A fungere da gemello incompreso del Ratto, lo stile linguistico del Piccolo di Strehler aveva trovato nella stessa Salisburgo un vertice supremo nel Flauto magico. Accolto da uragani di fischi e da critiche austriache negativissime; incompreso dai suoi interpreti; osteggiato apertamente da Karajan; deriso in casa nostra (“Mozart svilito in Piedigrotta”) dalla mens nana in corpore nano che fungeva da critico musicale del “Giornale”: in quello spettacolo che Strehler stesso considerava tra i suoi risultati più alti, fiaba per bambini e filosofia per grandi trovavano la loro perfetta simbiosi nella raffinatissima rivisitazione dell’artigianato teatrale che al Piccolo era cifra da sempre riconoscibile.

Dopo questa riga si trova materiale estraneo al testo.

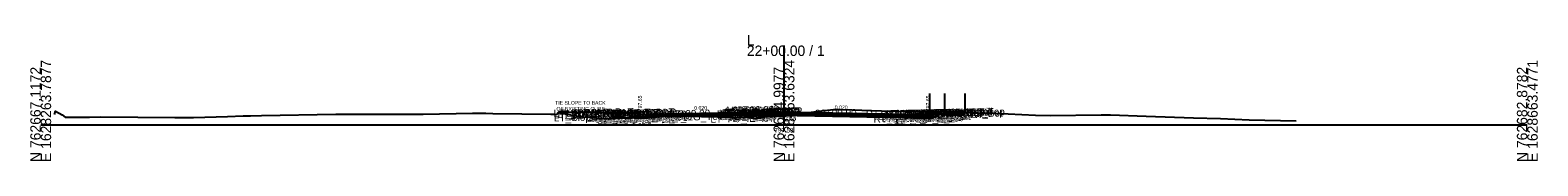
# Model space of a CAD drawing. Extents: x -26 to 4403, y -510 to 9556.
# Drawn here: x 997.2 to 1402.8, y 1990.3 to 2024.1 of the extents above; entities that cross this region are included whole.
import ezdxf

# ---------------------------------------------------------------- set-up
doc = ezdxf.new("R2010")
doc.units = 0
for name, color, linetype in [('Default', 7, 'Continuous'), ('Exist CMT Pavement', 7, 'Continuous'), ('Exist Cross Section Cell', 7, 'Continuous'), ('Exist XS Center Line Elevation Label', 7, 'Continuous'), ('Exist XS Ground Line', 7, 'Continuous'), ('Prop CMT Conc Surface', 7, 'Continuous'), ('Prop CMT Concrete Structures', 7, 'Continuous'), ('Prop CMT Pvmt Course 1', 7, 'Continuous'), ('Prop CMT Pvmt Course 1 CG', 7, 'Continuous'), ('Prop CMT Pvmt Course 1 Wedge', 7, 'Continuous'), ('Prop CMT Pvmt Course 2', 7, 'Continuous'), ('Prop CMT Pvmt Course 2 Wedge', 7, 'Continuous'), ('Prop CMT Pvmt Course 3', 7, 'Continuous'), ('Prop CMT Pvmt Course 3 Wedge', 7, 'Continuous'), ('Prop CMT Pvmt Surface', 7, 'Continuous'), ('Prop CMT Pvmt Wedge Surface 1', 7, 'Continuous'), ('Prop CMT Pvmt Wedge Surface 2', 7, 'Continuous'), ('Prop CMT Pvmt Wedge Surface 3', 7, 'Continuous'), ('Prop CMT Slope Grass', 7, 'Continuous'), ('Prop CMT Subgrade Earthwork', 7, 'Continuous'), ('Prop XS Finish Grade Concrete', 7, 'Continuous'), ('Prop XS Hydro Elevations', 7, 'Continuous'), ('Prop XS SE Text', 7, 'Continuous'), ('Prop XS Side Slope Text', 7, 'Continuous'), ('Scratch_Level_0', 7, 'Continuous'), ('Scratch_Level_1', 7, 'Continuous')]:
    doc.layers.add(name, color=color, linetype=linetype)

msp = doc.modelspace()

# ---------------------------------------------------------------- linework, layer by layer
at = {"layer": 'Exist CMT Pavement'}
msp.add_lwpolyline([(1163.27, 2002.1), (1168.97, 2002.29), (1171.48, 2002.37), (1173.53, 2002.32), (1190.76, 2001.93)], dxfattribs=at)
at = {"layer": 'Exist Cross Section Cell'}
for p, q in [((1200, 2000), (1200, 2021.33)), ((1000, 2000), (1200, 2000)), ((1200, 2000), (1400, 2000))]:
    msp.add_line(p, q, dxfattribs=at)
at = {"layer": 'Exist XS Ground Line'}
msp.add_lwpolyline([(1003.68, 2002.75), (1004, 2003.65), (1005.81, 2002.72), (1006.56, 2002.04), (1013.13, 2002.08), (1016.2, 2002.14), (1036.1, 2001.95), (1040.29, 2001.94), (1041.07, 2001.94), (1050.25, 2002.25), (1054.46, 2002.39), (1055.76, 2002.44), (1056.45, 2002.46), (1059.44, 2002.54), (1079.39, 2002.84), (1083.51, 2002.89), (1099.19, 2002.85), (1101.25, 2002.86), (1101.58, 2002.86), (1102.93, 2002.88), (1116.16, 2003.15), (1119.78, 2003.14), (1121.67, 2003.05), (1137.24, 2002.87), (1138.25, 2002.84), (1138.74, 2002.82), (1139.24, 2003.32), (1142.57, 2002.73), (1145.78, 2002.12), (1148.69, 2002.09), (1149.14, 2002.09), (1149.64, 2001.64), (1168.97, 2002.29), (1171.48, 2002.37), (1173.53, 2002.32), (1190.76, 2001.93), (1191.17, 2001.89), (1192.59, 2001.74), (1193.27, 2002.18), (1196.89, 2002.29), (1197.54, 2002.31), (1198.02, 2002.33), (1199.37, 2002.45), (1200, 2002.53), (1210.93, 2003.83), (1213.33, 2004.1), (1214.81, 2004.1), (1218.26, 2004), (1226.21, 2003.75), (1230.01, 2003.72), (1236.95, 2003.61), (1239.78, 2003.61), (1244.85, 2003.57), (1250.98, 2003.27), (1256.68, 2003.1), (1267.66, 2002.57), (1271.63, 2002.55), (1285.38, 2002.73), (1287.86, 2002.73), (1297.47, 2002.31), (1310.18, 2001.86), (1317.48, 2001.68), (1325.18, 2001.35), (1337.84, 2001.06)], dxfattribs=at)
at = {"layer": 'Prop CMT Conc Surface'}
for points in [[(1156.75, 2003.24), (1151.75, 2003.34)], [(1161.25, 2002.65), (1161.25, 2003.14), (1160.75, 2003.14)], [(1163.25, 2002.77), (1161.25, 2002.65)]]:
    msp.add_lwpolyline(points, dxfattribs=at)
at = {"layer": 'Prop CMT Concrete Structures'}
for p, q in [((1239.25, 2002.83), (1243.25, 2002.99)), ((1243.25, 2002.99), (1248.75, 2003.1)), ((1252.2, 2003.23), (1248.75, 2003.1))]:
    msp.add_line(p, q, dxfattribs=at)
for points in [[(1151.75, 2003), (1151.75, 2003.34)], [(1151.75, 2003.34), (1156.75, 2003.24)], [(1156.75, 2002.9), (1151.75, 2003)], [(1156.75, 2003.24), (1156.75, 2002.9)], [(1163.25, 2002.77), (1161.25, 2002.65), (1161.25, 2003.14), (1160.75, 2003.14)], [(1160.75, 2003.14), (1160.75, 2002.13), (1163.25, 2002.18)], [(1163.25, 2002.18), (1163.25, 2002.77)], [(1194, 2003.62), (1193.99, 2003.79), (1192.76, 2003.76), (1192.76, 2003.76), (1192.01, 2003.51), (1192, 2003.34)], [(1192, 2003.34), (1194, 2003.62)], [(1239.25, 2002.83), (1239.25, 2002.13), (1236.75, 2002.18)], [(1236.75, 2002.18), (1236.75, 2002.77)], [(1236.75, 2002.77), (1238.5, 2002.66)], [(1236.75, 2002.18), (1236.75, 2002.77)], [(1243.25, 2002.99), (1243.25, 2002.65)], [(1243.25, 2002.65), (1248.25, 2002.75)], [(1248.25, 2002.75), (1248.25, 2003.09)]]:
    msp.add_lwpolyline(points, dxfattribs=at)
at = {"layer": 'Prop CMT Pvmt Course 1'}
for points in [[(1192, 2003.34), (1163.25, 2002.77)], [(1163.25, 2002.64), (1192, 2003.21)], [(1163.25, 2002.77), (1163.25, 2002.52), (1163.25, 2002.52), (1163.25, 2002.64)], [(1192, 2003.34), (1194, 2003.62)], [(1194, 2003.37), (1192, 2003.09)], [(1192, 2003.09), (1192, 2003.34)], [(1192, 2003.09), (1192, 2003.34)], [(1192, 2003.21), (1192, 2003.09), (1192, 2003.09)], [(1194, 2003.62), (1194, 2003.37)], [(1194, 2003.62), (1236.75, 2002.77)], [(1194, 2003.37), (1194, 2003.62)], [(1236.75, 2002.52), (1194, 2003.37)], [(1194, 2003.37), (1194, 2003.37)], [(1236.75, 2002.77), (1236.75, 2002.52)]]:
    msp.add_lwpolyline(points, dxfattribs=at)
msp.add_lwpolyline([(1194, 2003.37), (1194, 2003.49), (1194, 2003.49)], close=True, dxfattribs=at)
at = {"layer": 'Prop CMT Pvmt Course 1 CG'}
for points in [[(1163.25, 2002.18), (1160.25, 2002.12), (1159.91, 2001.78)], [(1159.91, 2001.78), (1163.25, 2001.85)], [(1163.25, 2001.85), (1163.25, 2002.18)], [(1236.75, 2002.18), (1239.75, 2002.12), (1240.09, 2001.78)], [(1236.75, 2001.85), (1236.75, 2002.18)], [(1240.09, 2001.78), (1236.75, 2001.85)]]:
    msp.add_lwpolyline(points, dxfattribs=at)
at = {"layer": 'Prop CMT Pvmt Course 1 Wedge'}
for points in [[(1163.25, 2002.64), (1168.97, 2002.75), (1171.48, 2002.8), (1173.53, 2002.85), (1190.76, 2003.19), (1191.17, 2003.2), (1192, 2003.21)], [(1192, 2003.09), (1191.17, 2003.07), (1190.76, 2003.07), (1173.53, 2002.72), (1171.48, 2002.68), (1168.97, 2002.63), (1163.25, 2002.52)], [(1163.25, 2002.52), (1163.25, 2002.64)], [(1192, 2003.21), (1192, 2003.09)]]:
    msp.add_lwpolyline(points, dxfattribs=at)
at = {"layer": 'Prop CMT Pvmt Course 2'}
for points in [[(1163.25, 2002.18), (1163.25, 2002.18), (1163.25, 2002.52), (1163.25, 2002.52)], [(1163.25, 2002.52), (1163.25, 2002.18)], [(1192, 2003.09), (1194, 2003.37)], [(1192, 2002.76), (1192, 2003.09)], [(1194, 2003.04), (1192, 2002.76)], [(1194, 2003.37), (1194, 2003.04)], [(1194, 2003.04), (1194, 2003.37)], [(1194, 2003.37), (1236.75, 2002.52)], [(1236.75, 2002.18), (1194, 2003.04)], [(1236.75, 2002.52), (1236.75, 2002.18)]]:
    msp.add_lwpolyline(points, dxfattribs=at)
at = {"layer": 'Prop CMT Pvmt Course 2 Wedge'}
for points in [[(1163.25, 2002.52), (1168.97, 2002.63), (1171.48, 2002.68), (1173.53, 2002.72), (1190.76, 2003.07), (1191.17, 2003.07), (1192, 2003.09)], [(1192, 2002.76), (1191.17, 2002.74), (1190.76, 2002.73), (1173.53, 2002.39), (1172.1, 2002.36), (1171.48, 2002.37), (1169.69, 2002.31), (1168.97, 2002.3), (1163.25, 2002.18)], [(1163.25, 2002.18), (1163.25, 2002.52)], [(1192, 2003.09), (1192, 2002.76)]]:
    msp.add_lwpolyline(points, dxfattribs=at)
at = {"layer": 'Prop CMT Pvmt Course 3'}
for points in [[(1163.25, 2002.18), (1163.25, 2002.18), (1163.25, 2001.85), (1163.25, 2001.85)], [(1163.25, 2001.85), (1163.25, 2002.18)], [(1192, 2002.76), (1194, 2003.04)], [(1192, 2002.42), (1192, 2002.76)], [(1194, 2002.7), (1192, 2002.42)], [(1194, 2003.04), (1194, 2002.7)], [(1194, 2003.04), (1236.75, 2002.18)], [(1194, 2002.7), (1194, 2003.04)], [(1236.75, 2001.85), (1194, 2002.7)], [(1236.75, 2002.18), (1236.75, 2001.85)]]:
    msp.add_lwpolyline(points, dxfattribs=at)
at = {"layer": 'Prop CMT Pvmt Course 3 Wedge'}
for points in [[(1163.25, 2002.18), (1168.97, 2002.3), (1169.71, 2002.31)], [(1169.71, 2002.31), (1168.97, 2002.29), (1163.25, 2002.1)], [(1163.25, 2002.1), (1163.25, 2002.18)], [(1172.09, 2002.36), (1173.53, 2002.39)], [(1192, 2001.8), (1191.17, 2001.89), (1190.76, 2001.93), (1173.53, 2002.32), (1172.09, 2002.36)], [(1173.53, 2002.39), (1190.76, 2002.73), (1191.17, 2002.74), (1192, 2002.76)]]:
    msp.add_lwpolyline(points, dxfattribs=at)
at = {"layer": 'Prop CMT Pvmt Surface'}
for points in [[(1192, 2003.34), (1163.25, 2002.77)], [(1192, 2003.34), (1194, 2003.62)], [(1194, 2003.62), (1236.75, 2002.77)]]:
    msp.add_lwpolyline(points, dxfattribs=at)
at = {"layer": 'Prop CMT Pvmt Wedge Surface 1'}
for points in [[(1192, 2003.21), (1163.25, 2002.64)], [(1163.25, 2002.52), (1163.25, 2002.77)], [(1163.25, 2002.64), (1163.25, 2002.52), (1163.25, 2002.52)], [(1192, 2003.34), (1192, 2003.09), (1192, 2003.09), (1192, 2003.21)]]:
    msp.add_lwpolyline(points, dxfattribs=at)
at = {"layer": 'Prop CMT Pvmt Wedge Surface 2'}
for points in [[(1192, 2003.09), (1163.25, 2002.52)], [(1163.25, 2002.52), (1163.25, 2002.77)], [(1192, 2003.34), (1192, 2003.09)]]:
    msp.add_lwpolyline(points, dxfattribs=at)
at = {"layer": 'Prop CMT Pvmt Wedge Surface 3'}
for points in [[(1163.25, 2002.18), (1163.25, 2002.77)], [(1192, 2002.76), (1163.25, 2002.18)], [(1192, 2003.34), (1192, 2002.76)]]:
    msp.add_lwpolyline(points, dxfattribs=at)
at = {"layer": 'Prop CMT Slope Grass'}
msp.add_lwpolyline([(1160.75, 2003.14), (1151.25, 2003.34), (1139.24, 2003.32)], dxfattribs=at)
at = {"layer": 'Prop CMT Subgrade Earthwork'}
msp.add_line((1190.76, 2002.4), (1190.76, 2001.93), dxfattribs=at)
for points in [[(1163.25, 2001.85), (1159.91, 2001.78), (1158.5, 2003.19)], [(1163.25, 2001.85), (1163.27, 2002.1)], [(1163.25, 2001.85), (1163.25, 2001.85)], [(1192, 2002.42), (1191.17, 2002.41), (1190.76, 2002.4)], [(1192, 2002.42), (1194, 2002.7)], [(1194, 2002.7), (1236.75, 2001.85)], [(1236.75, 2001.85), (1240.09, 2001.78), (1241.21, 2002.91)]]:
    msp.add_lwpolyline(points, dxfattribs=at)
at = {"layer": 'Prop XS Finish Grade Concrete'}
msp.add_line((1238.5, 2002.66), (1239.25, 2002.83), dxfattribs=at)
at = {"layer": 'Scratch_Level_1'}
for p, q in [((1239.25, 2002.83), (1239.25, 2008.47)), ((1243.25, 2002.99), (1243.25, 2008.47)), ((1248.75, 2003.1), (1248.75, 2008.47))]:
    msp.add_line(p, q, dxfattribs=at)

# ---------------------------------------------------------------- texts
at = {"layer": 'Default'}
msp.add_text('-', height=0.0001, dxfattribs=at).set_placement((1000, 2000))
at = {"layer": 'Exist Cross Section Cell'}
for s, p in [('22+00.00 / 1', (1190, 2018.53)), ('L', (1190, 2021.33))]:
    msp.add_text(s, height=2.8, dxfattribs=at).set_placement(p)
for s, p in [('E 1628263.7877', (1002.8, 1990)), ('E 1628463.6324', (1202.8, 1990)), ('E 1628663.4771', (1402.8, 1990)), ('N 762667.1172', (1000, 1990)), ('N 762674.9977', (1200, 1990)), ('N 762682.8782', (1400, 1990))]:
    msp.add_text(s, height=2.8, rotation=90, dxfattribs=at).set_placement(p)
at = {"layer": 'Exist XS Center Line Elevation Label'}
msp.add_text('797.53', height=1.2, dxfattribs=at).set_placement((1197.46, 1997.93))
at = {"layer": 'Prop XS Hydro Elevations'}
for p in [(1161.75, 2003.65), (1239.25, 2003.65)]:
    msp.add_text('797.65', height=1, rotation=90, dxfattribs=at).set_placement(p)
at = {"layer": 'Prop XS SE Text'}
for s, rotation, p in [('0.020', 1.1457, (1175.86, 2004.02)), ('0.020', 358.8543, (1213.65, 2004.23)), ('4.00%', 2.2906, (1239.43, 2003.15)), ('2.00%', 1.1458, (1244.19, 2003.19)), ('4.00%', 2.2906, (1249.04, 2003.32))]:
    msp.add_text(s, height=1, rotation=rotation, dxfattribs=at).set_placement(p)
at = {"layer": 'Prop XS Side Slope Text'}
for s, p in [('TIE SLOPE TO BACK', (1138.42, 2005.42)), ('OF EXISTING CURB', (1138.78, 2003.79))]:
    msp.add_text(s, height=1, dxfattribs=at).set_placement(p)
at = {"layer": 'Scratch_Level_0'}
for s, p in [('LT_SDWK_Out_Top', (1138.01, 2002.06)), ('LT_SDWK_Out_Bot', (1138.04, 2001.73)), ('LT_Sub_Trench_Out_DLT', (1139.09, 2001.8)), ('LT_CSLP_Pnt', (1141.44, 2002.14)), ('LT_SDWK_In_Top', (1144.63, 2001.99)), ('LT_CG_Top_Face', (1148.53, 2001.89)), ('LT_CG_Top_BOC', (1149.05, 2001.91)), ('22+00.00', (1153.57, 2002.02)), ('22+00.00', (1154.1, 2002.01)), ('22+00.00', (1168.94, 2001.88)), ('LT_PV2_IEEOP', (1181.98, 2001.89)), ('LT_PV1_IEEOP', (1182.54, 2002.03)), ('LT_PV2_PGL1', (1182.9, 2001.91)), ('LT_PV2_PGL', (1183.23, 2001.91)), ('RT_PV2_OEEOP', (1183.28, 2002.16)), ('RT_PV3_OEEOP', (1183.28, 2001.82)), ('LT_PV1_PGL', (1183.8, 2002.18)), ('RT_PV1_OEEOP', (1183.85, 2002.29)), ('MI_Face In', (1183.92, 2002.35)), ('RT_PV2_IEEOP', (1183.93, 2002.17)), ('MI_Face Out', (1184.28, 2002.59)), ('MI_Top Out', (1184.49, 2002.86)), ('RT_PV1_IEEOP', (1184.49, 2002.3)), ('RT_PV2_PGL1', (1184.86, 2002.19)), ('RT_PV3_PGL1', (1184.86, 2001.85)), ('22+00.00', (1185.19, 2002.33)), ('RT_PV2_PGL', (1185.19, 2002.19)), ('MI_Bot Out', (1185.28, 2002.45)), ('22+00.00', (1185.38, 2002.43)), ('MI_Top In', (1185.63, 2002.61)), ('RT_PV1_PGL', (1185.75, 2002.45)), ('22+00.00', (1186.13, 2002.83)), ('MI_Crown', (1186.09, 2002.9)), ('22+00.00', (1186.26, 2002.9)), ('22+00.00', (1186.96, 2002.72)), ('22+00.00', (1187.18, 2002.59)), ('22+00.00', (1208.33, 2002.06)), ('RT_Sub_Trench_Out_DLT', (1222.04, 2001.8)), ('RT_CG_Top_Face', (1225.99, 2001.89)), ('RT_CG_Top_BOC', (1227.51, 2001.91)), ('RT_SDWK_In_Top', (1231.08, 2001.99)), ('22+00.00', (1232.24, 2002.01)), ('22+00.00', (1233.87, 2002.04)), ('RT_SDWK_Out_Top', (1234.46, 2002.06)), ('RT_SDWK_Out_Bot', (1234.49, 2001.73)), ('RT_Slope_Cut', (1238.48, 2002.17)), ('RT_Slope_Fill', (1239.36, 2002.18)), ('RT_Shld_O', (1240.81, 2002.18)), ('CSLP_Pnt', (1241.64, 2002.19)), ('22+00.00', (1242.01, 2002.22)), ('LT_Slope_Fill', (1138.1, 2000.91)), ('22+00.00', (1142.56, 2001.57)), ('LT_SDWK_In_Bot', (1144.66, 2001.66)), ('LT_CG1_Shelf_Out', (1146.82, 2000.85)), ('LT_PV_Sub_Tie_Out', (1148.23, 2000.8)), ('LT_CG_Bot_BOC', (1149.09, 2000.9)), ('LT_CG_Top_Gut', (1149.51, 2001.41)), ('LT_Sub_OEOP', (1150.04, 2000.58)), ('LT_Sub_OEOT_CG', (1150.64, 2000.6)), ('LT_PV_OEEOP_EG', (1150.82, 2000.85)), ('LT_Sub_OEEOP', (1152.48, 2000.63)), ('LT_PV2_OEEOP', (1152.58, 2001.3)), ('LT_PV3_OEEOP', (1152.58, 2000.97)), ('LT_PV1_OEEOP', (1153.15, 2001.44)), ('LT_CG_Bot_IE', (1153.19, 2000.98)), ('LT_Sub_OEOT', (1153.35, 2000.65)), ('LT_PV2_OEOT', (1153.45, 2001.32)), ('LT_PV3_OEOT', (1153.45, 2000.99)), ('LT_PV1_OEOT', (1154.01, 2001.58)), ('LT_PV_EG_TestPt', (1164.06, 2000.96)), ('LT_PV_IEEOP_EG', (1180.21, 2000.56)), ('LT_PV3_IEEOP', (1181.98, 2001.56)), ('LT_PV3_PGL1', (1182.9, 2001.57)), ('RT_Sub_OEEOP', (1183.19, 2001.49)), ('LT_PV3_PGL', (1183.23, 2001.58)), ('LT_PV4_PGL', (1183.23, 2001.25)), ('RT_PV4_PGL', (1185.19, 2001.53)), ('RT_Sub_OEOT_CG', (1224.1, 2000.59)), ('RT_CG1_Shelf_Out', (1226.28, 2000.85)), ('RT_CG_Bot_IE', (1226.64, 2000.98)), ('RT_Sub_OEOT', (1226.8, 2000.65)), ('RT_PV2_OEOT', (1226.9, 2001.32)), ('RT_PV3_OEOT', (1226.9, 2000.98)), ('RT_CG_Top_Gut', (1226.96, 2001.41)), ('RT_PV1_OEOT', (1227.46, 2001.58)), ('RT_CG_Bot_BOC', (1227.54, 2000.9)), ('RT_Sub_OEOP', (1230.17, 2000.58)), ('RT_SDWK_In_Bot', (1231.12, 2001.66))]:
    msp.add_text(s, height=2, rotation=1.1458, dxfattribs=at).set_placement(p)

doc.saveas('drawing.dxf')

Come s’imparò a riconoscere quella d’una suprema eleganza figurativa spinta verso canoni di sontuosa ricercatezza (la tanto celebrata lacca nera in cui tutto si riflette) che, se verso la fine ha sfiorato dappresso il sospetto di manierismo nell’esasperata ricerca sui materiali e sulle luci, nei suoi primi capitoli ha stretto legami più che mai serrati tra Piccolo e Scala. Lohengrin
scolora la mistica del cigno in baluginanti lampi guerreschi. L’amore delle tre melarance porta all’estremo la capacità espressiva del gesto, linguaggio fondante del teatro di Strehler. Era l’antica lezione che Etienne Decroux aveva assimilato nella Parigi di JeanLouis Barrault giovane, e portata alla scuola del Piccolo negli anni cinquan- ta per fornire contributo importante allo sforzo colà intrapreso di superare Stanislavskij. Partito lui, quel cammino fu conservato e approfondito grazie all’esperienza di Marise Flach che coordinò tutti i movimenti mimici degli spettacoli strehleriani, dando uno dei frutti più succosi in queste Melarance dove l’esplosiva frenesia vitale (Sergio Tedesco che appeso a una fune volava da un palco di proscenio sulla destra al corrispondente di sinistra, sorta di Arlecchino di Moretti-Soleri all’ennesima potenza) di colpo sapeva stemperarsi in luoghi di magici incontri sensuali: frenesia e magia che però erano sistematicamente ricondotti alla loro essenza di meccanismo teatrale, il falso della rappresentazione impiegato per svelare l’eterna verità delle umane e più elementari pulsioni.